Dal 1427 al 1435 servì come comandante nell'esercito reale francese e combatté contro gli inglesi durante la guerra dei cent'anni; fu nominato maresciallo di Francia nel 1429. Accusato di praticare l'occulto, dopo il 1432 venne implicato in una serie di omicidi di bambini. Nel 1440 una violenta controversia con un religioso aprì un'indagine ecclesiastica che lo portò a essere accusato dei reati sopra citati. Durante il processo i genitori dei bambini scomparsi e i servi di Gilles testimoniarono contro di lui, facendolo condannare a morte per una vasta serie di reati. Venne impiccato a Nantes il 26 ottobre 1440.
Si pensa che Gilles de Rais abbia ispirato lo scrittore francese Charles Perrault per la fiaba del 1697 Barbablù (Barbe bleue). La storia narra infatti di un crudele signorotto che uccide brutalmente le proprie mogli e ne nasconde i cadaveri in una stanza segreta del proprio castello.
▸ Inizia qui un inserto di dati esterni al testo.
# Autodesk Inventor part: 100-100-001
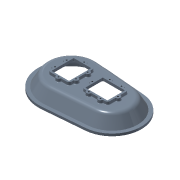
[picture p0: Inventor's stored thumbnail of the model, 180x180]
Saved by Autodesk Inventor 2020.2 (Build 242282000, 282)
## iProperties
Created: 2010-02
Part Number: 100-100-001
Document SubType Name: Modeling
Designer: F.Stasiak
Density: 7.15 g/cm^3
Material: Żeliwo szare
Mass: 38811.4 g
Surface Area: 10852.3 cm^2
Volume: 5428.17 cm^3
Appearance: Stalowoniebieska
Manager: www.cadconsulting.pl
Company: Fabian Stasiak CAD Consulting
Author: F.Stasiak
Subject: Zbiór ćwiczeń. Autodesk Inventor 2020. Kurs podstawowy
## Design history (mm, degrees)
sketch "Szkic1"
  geometry: L1 (-153.571, -249.08)-(193.857, -219.19); L2 (193.857, 219.19)-(-153.571, 249.08); L3 (-175, 0)-(175, 0); A1 r 220 centre (175, 0) between (193.857, -219.19) and (193.857, 219.19); A2 r 250 centre (-175, 0) between (-153.571, 249.08) and (-153.571, -249.08); 2 further points
  constraints: 6 end point, 4 point on circle, 4 tangent, 2 centre point, 2 coincident, 1 horizontal, 1 midpoint
  dimensions: "d0" = 350 distance of L3.end A2.centre; "d1" = 250 radius of A2; "d2" = 220 radius of A1
extrude "Wyciągnięcie proste1" new body sketch "Szkic1" distance "d3" = 100; taper "d4" = -30 deg
fillet "Zaokrąglenie1" dims "d5" = 40
sketch "Szkic2"
  geometry: L1 (153.571, -249.08)-(-193.857, -219.19) reference; L2 (-193.857, 219.19)-(153.571, 249.08) reference; L3 (-196.429, -249.08)-(151, -278.97); L4 (151, 278.97)-(-196.429, 249.08); A1 r 250 centre (175, 0) between (153.571, -249.08) and (153.571, 249.08) reference; A2 r 220 centre (-175, 0) between (-193.857, 219.19) and (-193.857, -219.19) reference; A3 r 280 centre (175, 0) between (151, -278.97) and (151, 278.97); A4 r 250 centre (-175, 0) between (-196.429, 249.08) and (-196.429, -249.08); 1 further point
  constraints: 4 end point, 4 point on circle, 2 centre point, 3 other
  dimensions: "d6" = 30 radial gap between concentric circles of A4 A2
extrude "Wyciągnięcie proste2" join sketch "Szkic2" distance "d7" = 20; taper "d8" = 0 deg
feature "Skorupa1" dims "d18" = 8, "d19" = 40
sketch "Szkic3"
  geometry: L1 (-265, -90)-(-265, 90); L2 (-245, 110)-(-105, 110); L3 (-85, 90)-(-85, -90); L4 (-105, -110)-(-245, -110); L5 (-265, 50)-(-85, 50); L6 (-265, -50)-(-85, -50); L7 (-175, 50)-(-175, -50); L8 (-105, 95)-(-245, 95); L9 (-250, 90)-(-250, -90); L10 (-245, -95)-(-105, -95); L11 (-100, -90)-(-100, 90); C1 r 20 at (-175, 110); C2 r 20 at (-175, -110); C3 r 20 at (-265, -50); C4 r 20 at (-265, 50); C5 r 20 at (-85, 50); C6 r 20 at (-85, -50); A1 r 169.171 centre (-175, 0) between (-160.5, 168.548) and (-160.5, -168.548) reference; A2 r 20 centre (-245, 90) between (-245, 110) and (-265, 90); A3 r 20 centre (-105, 90) between (-85, 90) and (-105, 110); A4 r 20 centre (-105, -90) between (-105, -110) and (-85, -90); A5 r 20 centre (-245, -90) between (-265, -90) and (-245, -110); A6 r 5 centre (-245, 90) between (-245, 95) and (-250, 90); A7 r 5 centre (-245, -90) between (-250, -90) and (-245, -95); A8 r 5 centre (-105, -90) between (-105, -95) and (-100, -90); A9 r 5 centre (-105, 90) between (-100, 90) and (-105, 95); 4 further points
  constraints: 22 end point, 16 point on circle, 14 centre point, 8 equal radius, 8 tangent, 6 midpoint, 4 parallel, 4 point on line, 2 coincident, 2 perpendicular, 1 horizontal, 1 horizontal alignment, 1 vertical, 1 vertical alignment, 7 other
  dimensions: "d10" = 20 radius of A2; "d11" = 180 distance between parallel lines of L1 L3; "d12" = 220 distance between parallel lines of L2 L4; "d20" = 40 diameter of C1; "d21" = 100 distance of L5.end L6.end; "d31" = 15 distance between parallel lines of L3 L11
extrude "Wyciągnięcie proste3" join sketch "Szkic3" distance "d16" = 25; taper "d17" = 0 deg
extrude "Wyciągnięcie proste4" cut sketch "Szkic3" extent not by distance; stored distance "d33" = 5; taper "d34" = 0 deg
sketch "Szkic4"
  geometry: A1 r 20 centre (-265, 50) between (-265, 70) and (-265, 30) reference; A2 r 20 centre (-265, -50) between (-265, -30) and (-265, -70) reference; A3 r 20 centre (-175, -110) between (-195, -110) and (-155, -110) reference; A4 r 20 centre (-85, -50) between (-85, -70) and (-85, -30) reference; A5 r 20 centre (-85, 50) between (-85, 30) and (-85, 70) reference; A6 r 20 centre (-175, 110) between (-155, 110) and (-195, 110) reference; 1 further point
hole "Otwory1" sketch "Szkic4" at (-175, 110), (-85, 50), (-85, -50), (-175, -110), (-265, -50), (-265, 50) diameter "d36" = 11.835; stored, may be unused: countersink angle "d40" = 90 deg, drill point angle "d42" = 118 deg; dims "d37" = 15, "d38" = 4, "d39" = 2, "d41" = 25
fillet "Zaokrąglenie3" dims "d43" = 5
fillet "Zaokrąglenie4" dims "d44" = 5
sketch "Szkic5"
  geometry: L1 (-258.872, -83.376)-(-258.872, 96.624); L2 (-238.872, 116.624)-(-98.872, 116.624); L3 (-78.872, 96.624)-(-78.872, -83.376); L4 (-98.872, -103.376)-(-238.872, -103.376); L5 (-258.872, 56.624)-(-78.872, 56.624); L6 (-258.872, -43.376)-(-78.872, -43.376); L7 (-168.872, 56.624)-(-168.872, -43.376); L8 (-98.872, 101.624)-(-238.872, 101.624); L9 (-243.872, 96.624)-(-243.872, -83.376); L10 (-238.872, -88.376)-(-98.872, -88.376); L11 (-93.872, -83.376)-(-93.872, 96.624); L12 (-243.367, -188.376)-(-258.872, -188.376) reference; C1 r 20 at (-168.872, 116.624); C2 r 20 at (-168.872, -103.376); C3 r 20 at (-258.872, -43.376); C4 r 20 at (-258.872, 56.624); C5 r 20 at (-78.872, 56.624); C6 r 20 at (-78.872, -43.376); A1 r 20 centre (-238.872, 96.624) between (-238.872, 116.624) and (-258.872, 96.624); A2 r 20 centre (-98.872, 96.624) between (-78.872, 96.624) and (-98.872, 116.624); A3 r 20 centre (-98.872, -83.376) between (-98.872, -103.376) and (-78.872, -83.376); A4 r 20 centre (-238.872, -83.376) between (-258.872, -83.376) and (-238.872, -103.376); A5 r 5 centre (-238.872, 96.624) between (-238.872, 101.624) and (-243.872, 96.624); A6 r 5 centre (-238.872, -83.376) between (-243.872, -83.376) and (-238.872, -88.376); A7 r 5 centre (-98.872, -83.376) between (-98.872, -88.376) and (-93.872, -83.376); A8 r 5 centre (-98.872, 96.624) between (-93.872, 96.624) and (-98.872, 101.624); A9 r 139.171 centre (-168.872, 66.624) between (-30.213, 78.553) and (-307.531, 78.553) reference; A10 r 25 centre (-218.872, -193.376) between (-194.377, -188.376) and (-243.367, -188.376) reference; 4 further points
  constraints: 22 end point, 16 point on circle, 14 centre point, 9 tangent, 8 equal radius, 6 midpoint, 5 parallel, 4 point on line, 2 perpendicular, 1 coincident, 1 horizontal, 1 vertical, 7 other
  dimensions: "d50" = 20 radius of A1; "d49" = 180 distance between parallel lines of L1 L3; "d48" = 220 distance between parallel lines of L2 L4; "d47" = 40 diameter of C1; "d46" = 100 distance of L5.end L6.end; "d45" = 15 distance between parallel lines of L3 L11; "d67" = 60 distance of point (-168.872, 6.624) A9.centre
extrude "Wyciągnięcie proste5" join sketch "Szkic5" taper "d52" = 0 deg; distance "d53" = 25
extrude "Wyciągnięcie proste6" cut sketch "Szkic5" extent not by distance; taper "d55" = 0 deg; stored distance "d56" = 5
sketch "Szkic6"
  geometry: A1 r 20 centre (-258.872, 56.624) between (-258.872, 76.624) and (-258.872, 36.624) reference; A2 r 20 centre (-258.872, -43.376) between (-258.872, -23.376) and (-258.872, -63.376) reference; A3 r 20 centre (-168.872, -103.376) between (-188.872, -103.376) and (-148.872, -103.376) reference; A4 r 20 centre (-78.872, -43.376) between (-78.872, -63.376) and (-78.872, -23.376) reference; A5 r 20 centre (-78.872, 56.624) between (-78.872, 36.624) and (-78.872, 76.624) reference; A6 r 20 centre (-168.872, 116.624) between (-148.872, 116.624) and (-188.872, 116.624) reference; 1 further point
hole "Otwory2" sketch "Szkic6" at (-168.872, 116.624), (-78.872, 56.624), (-78.872, -43.376), (-168.872, -103.376), (-258.872, -43.376), (-258.872, 56.624) diameter "d63" = 11.835; stored, may be unused: drill point angle "d58" = 118 deg, countersink angle "d59" = 90 deg; dims "d57" = 15, "d60" = 2, "d61" = 4, "d62" = 25
fillet "Zaokrąglenie5" dims "d64" = 5
fillet "Zaokrąglenie6" dims "d65" = 5
chamfer "Faza1" distance "d71" = 10; stored, may be unused: second distance "d72" = 2, angle "d73" = 45 deg
node "Bryła1"
other parameters: "d88" = 0, "d89" = 0, "d90" = 0, "d91" = 0, "d92" = 0, "d93" = 0

Di nobile casato (i Montmorency-Laval erano due fra le più potenti famiglie di Francia, imparentate con il connestabile Bertrand du Guesclin), a soli undici anni rimase orfano di entrambi i genitori (la madre morì di malattia ed il padre ucciso da un cinghiale durante una battuta di caccia), e fu allevato dal nonno materno, Jean de Craòn.
Jean de Craòn lo fidanzò a tredici anni con Jeanne Peynel, una ricca ereditiera, poi con Beatrice de Rohan, nipote del duca Giovanni IV di Bretagna. La morte prematura di entrambe le giovani impedì il matrimonio. Sposò infine un'altra ereditiera, Catherine de Thouars (1409-1462), il 30 novembre 1420.
Nel 1427, agli ordini di Arturo III di Bretagna, entrò al servizio di Carlo VII di Francia combattendo alla testa di un proprio contingente in svariati episodi della guerra dei cent'anni e finanziando il futuro re nelle sue campagne militari. Grazie alla parentela con Georges de La Trémoille, gran ciambellano di Francia, entrò nelle grazie del sovrano combattendo poi contro gli inglesi al fianco di Giovanna d'Arco, ad Orléans, a Jargeau, a Meung-sur-Loire e a Beaugency.
Divenuto pari di Francia, consigliere e ciambellano di re Carlo VII, presenziò alla consacrazione di quest'ultimo, avvenuta a Reims il 17 luglio 1429, dopo essere stato elevato al titolo di maresciallo di Francia il precedente 21 aprile. Continuò a combattere prima sulla Loira quindi in Normandia, alla testa di un piccolo esercito personale da lui stesso mantenuto.
Morto il nonno, nel 1432 ereditò un'immensa fortuna, consistente soprattutto in proprietà terriere in Bretagna, nel Maine e nell'Angiò, cui si aggiungevano le ricchezze dei de Rais e quelle della moglie, ritrovandosi così ad essere uno degli uomini più ricchi del suo tempo.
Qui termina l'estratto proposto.